• **Task**: Copy each line of the records exactly, stopping only after the line that contains "In plain terms, the" has been written, and leave pictures out.

• **Data for this exercise**:
***
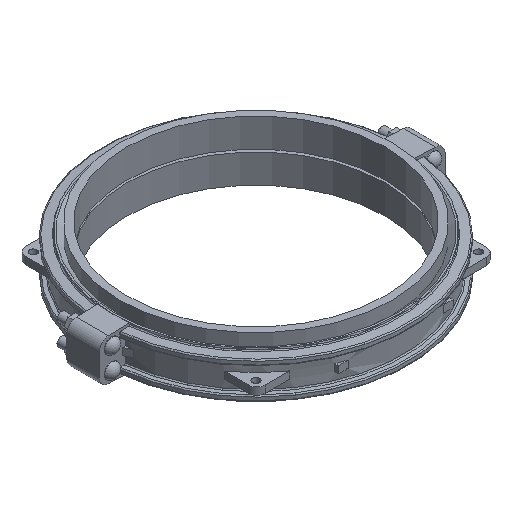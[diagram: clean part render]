
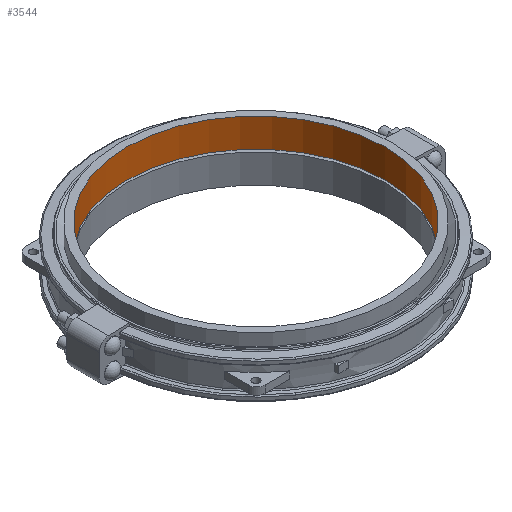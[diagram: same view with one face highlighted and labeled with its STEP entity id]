
A CAD part, isometric view. The second image highlights one B-rep face of the part: STEP entity #3544.
In plain terms, the highlighted cylindrical face has radius 457.2 mm (diameter 914.4 mm), a full revolution.
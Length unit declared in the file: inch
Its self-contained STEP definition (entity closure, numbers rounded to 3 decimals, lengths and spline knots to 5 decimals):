
#158=CYLINDRICAL_SURFACE('',#3979,18.);
#382=FACE_OUTER_BOUND('',#606,.T.);
#606=EDGE_LOOP('',(#3060,#3061,#3062,#3063,#3064,#3065));
#865=LINE('',#6479,#1122);
#1122=VECTOR('',#4960,18.);
#1291=CIRCLE('',#3977,18.);
#1292=CIRCLE('',#3978,18.);
#1293=CIRCLE('',#3980,18.);
#1294=CIRCLE('',#3981,18.);
#1623=VERTEX_POINT('',#6473);
#1624=VERTEX_POINT('',#6474);
#1625=VERTEX_POINT('',#6478);
#1626=VERTEX_POINT('',#6480);
#2103=EDGE_CURVE('',#1623,#1624,#1291,.T.);
#2104=EDGE_CURVE('',#1624,#1623,#1292,.T.);
#2105=EDGE_CURVE('',#1624,#1625,#865,.T.);
#2106=EDGE_CURVE('',#1626,#1625,#1293,.T.);
#2107=EDGE_CURVE('',#1625,#1626,#1294,.T.);
#3060=ORIENTED_EDGE('',*,*,#2103,.T.);
#3061=ORIENTED_EDGE('',*,*,#2105,.T.);
#3062=ORIENTED_EDGE('',*,*,#2106,.F.);
#3063=ORIENTED_EDGE('',*,*,#2107,.F.);
#3064=ORIENTED_EDGE('',*,*,#2105,.F.);
#3065=ORIENTED_EDGE('',*,*,#2104,.T.);
#3544=ADVANCED_FACE('',(#382),#158,.F.);
#3977=AXIS2_PLACEMENT_3D('',#6475,#4954,#4955);
#3978=AXIS2_PLACEMENT_3D('',#6476,#4956,#4957);
#3979=AXIS2_PLACEMENT_3D('',#6477,#4958,#4959);
#3980=AXIS2_PLACEMENT_3D('',#6481,#4961,#4962);
#3981=AXIS2_PLACEMENT_3D('',#6482,#4963,#4964);
#4954=DIRECTION('center_axis',(0.,0.,-1.));
#4955=DIRECTION('ref_axis',(1.,0.,0.));
#4956=DIRECTION('center_axis',(0.,0.,-1.));
#4957=DIRECTION('ref_axis',(1.,0.,0.));
#4958=DIRECTION('center_axis',(0.,0.,-1.));
#4959=DIRECTION('ref_axis',(0.,1.,0.));
#4960=DIRECTION('',(0.,0.,1.));
#4961=DIRECTION('center_axis',(0.,0.,-1.));
#4962=DIRECTION('ref_axis',(1.,0.,0.));
#4963=DIRECTION('center_axis',(0.,0.,-1.));
#4964=DIRECTION('ref_axis',(1.,0.,0.));
#6473=CARTESIAN_POINT('',(0.,18.,0.));
#6474=CARTESIAN_POINT('',(0.,-18.,0.));
#6475=CARTESIAN_POINT('Origin',(0.,0.,0.));
#6476=CARTESIAN_POINT('Origin',(0.,0.,0.));
#6477=CARTESIAN_POINT('Origin',(0.,0.,2.));
#6478=CARTESIAN_POINT('',(0.,-18.,4.));
#6479=CARTESIAN_POINT('',(0.,-18.,2.));
#6480=CARTESIAN_POINT('',(0.,18.,4.));
#6481=CARTESIAN_POINT('Origin',(0.,0.,4.));
#6482=CARTESIAN_POINT('Origin',(0.,0.,4.));
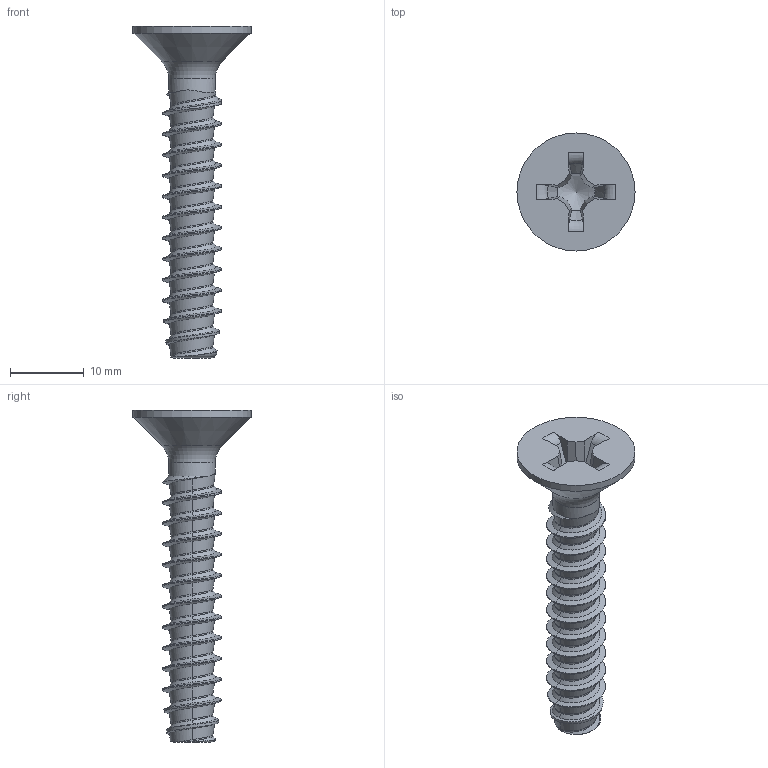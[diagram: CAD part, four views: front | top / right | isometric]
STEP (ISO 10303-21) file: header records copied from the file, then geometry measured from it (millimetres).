
FILE_DESCRIPTION(/* description */ (''),/* implementation_level */ '2;1');
FILE_NAME(/* name */ 'KN6041-STSplus-80x45-H4.step',/* time_stamp */ '2017-10-12T12:55:36+02:00',/* author */ (''),/* organization */ (''),/* preprocessor_version */ 'ST-DEVELOPER v16',/* originating_system */ 'SIEMENS PLM Software NX 10.0',/* authorisation */ '');
FILE_SCHEMA (('AUTOMOTIVE_DESIGN { 1 0 10303 214 3 1 1 1 }'));
Length unit declared in the file: millimetre
Products named in the file (1): KN6041-STSplus-80x45-H4
Bounding box: 16 x 16 x 45 mm (x, y, z)
Volume: 1812.9 mm3; surface area: 1734.9 mm2
Topology: 1 solids, 1 shells, 104 faces, 253 edges, 151 vertices
Faces by surface type: bspline 69, plane 18, cone 8, torus 6, cylinder 3
Full cylindrical faces by diameter (mm): 6.27 x1, 16 x1
Entity records: 7283 total; most frequent: CARTESIAN_POINT 5355, ORIENTED_EDGE 484, EDGE_CURVE 242, DIRECTION 206, VERTEX_POINT 147, B_SPLINE_CURVE_WITH_KNOTS 129, EDGE_LOOP 110, ADVANCED_FACE 104
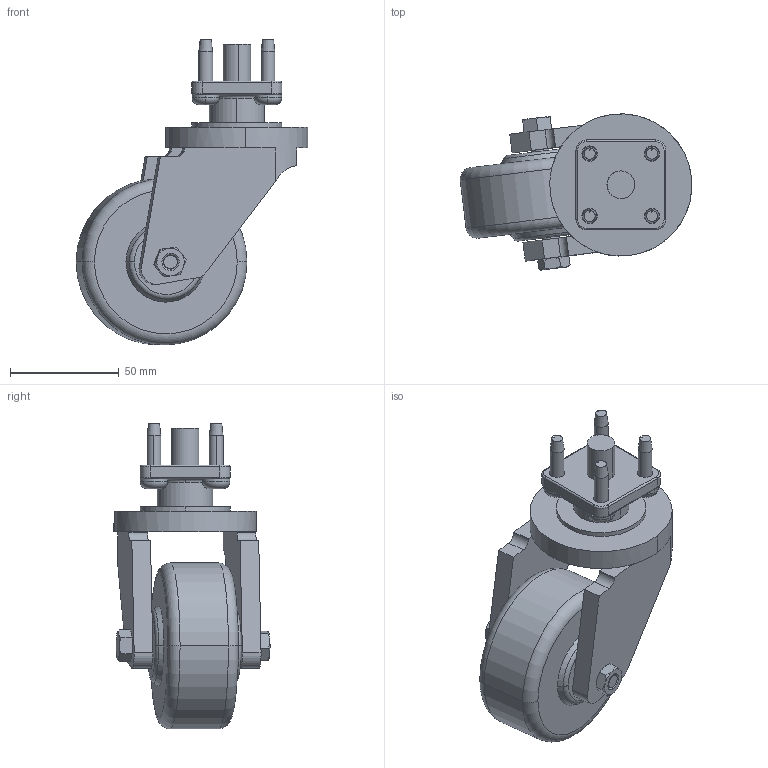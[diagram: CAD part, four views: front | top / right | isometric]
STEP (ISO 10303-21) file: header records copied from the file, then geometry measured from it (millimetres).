
FILE_DESCRIPTION (( 'STEP AP214' ), '1' );
FILE_NAME ('H030131100.STEP', '2020-06-02T12:06:15', ( '' ), ( '' ), 'SwSTEP 2.0', 'SolidWorks 2020', '' );
FILE_SCHEMA (( 'AUTOMOTIVE_DESIGN' ));
Length unit declared in the file: inch
Products named in the file (9): caster base; Hex Bolt_Derived Ansi Inch Standard_HBOLT 0.3125-18x2.5x0.875-N; H030131100; H0200421; wheel; H030092100; 25C100PTFZ; Hex Jam Nut_Derived Ansi Inch Standard_HJNUT 0.3125-18-D-N; Flat Washer Type A Selected Wide_Derived Ansi Inch Standard_Selected Wide FW 0.5
Assembly tree (11 placements, depth 3):
  H030131100
    H0200421
    25C100PTFZ  x4
    H030092100
      caster base
      wheel
      Hex Jam Nut_Derived Ansi Inch Standard_HJNUT 0.3125-18-D-N
      Hex Bolt_Derived Ansi Inch Standard_HBOLT 0.3125-18x2.5x0.875-N
    Flat Washer Type A Selected Wide_Derived Ansi Inch Standard_Selected Wide FW 0.5
Bounding box: 106.34 x 71.63 x 140.41 mm (x, y, z)
Volume: 259272.6 mm3; surface area: 55963.4 mm2
Topology: 10 solids, 10 shells, 341 faces, 840 edges, 532 vertices
Faces by surface type: cylinder 130, plane 127, cone 58, torus 26
Entity records: 6489 total; most frequent: CARTESIAN_POINT 1367, DIRECTION 1041, ORIENTED_EDGE 948, EDGE_CURVE 474, AXIS2_PLACEMENT_3D 427, VERTEX_POINT 295, EDGE_LOOP 227, CIRCLE 212
***
• **Exercise output**:
[diagram: clean part render]
[diagram: same view with one face highlighted and labeled with its STEP entity id]
A CAD part, isometric view. The second image highlights one B-rep face of the part: STEP entity #3544.
In plain terms, the highlighted cylindrical face has radius 457.2 mm (diameter 914.4 mm), a full revolution.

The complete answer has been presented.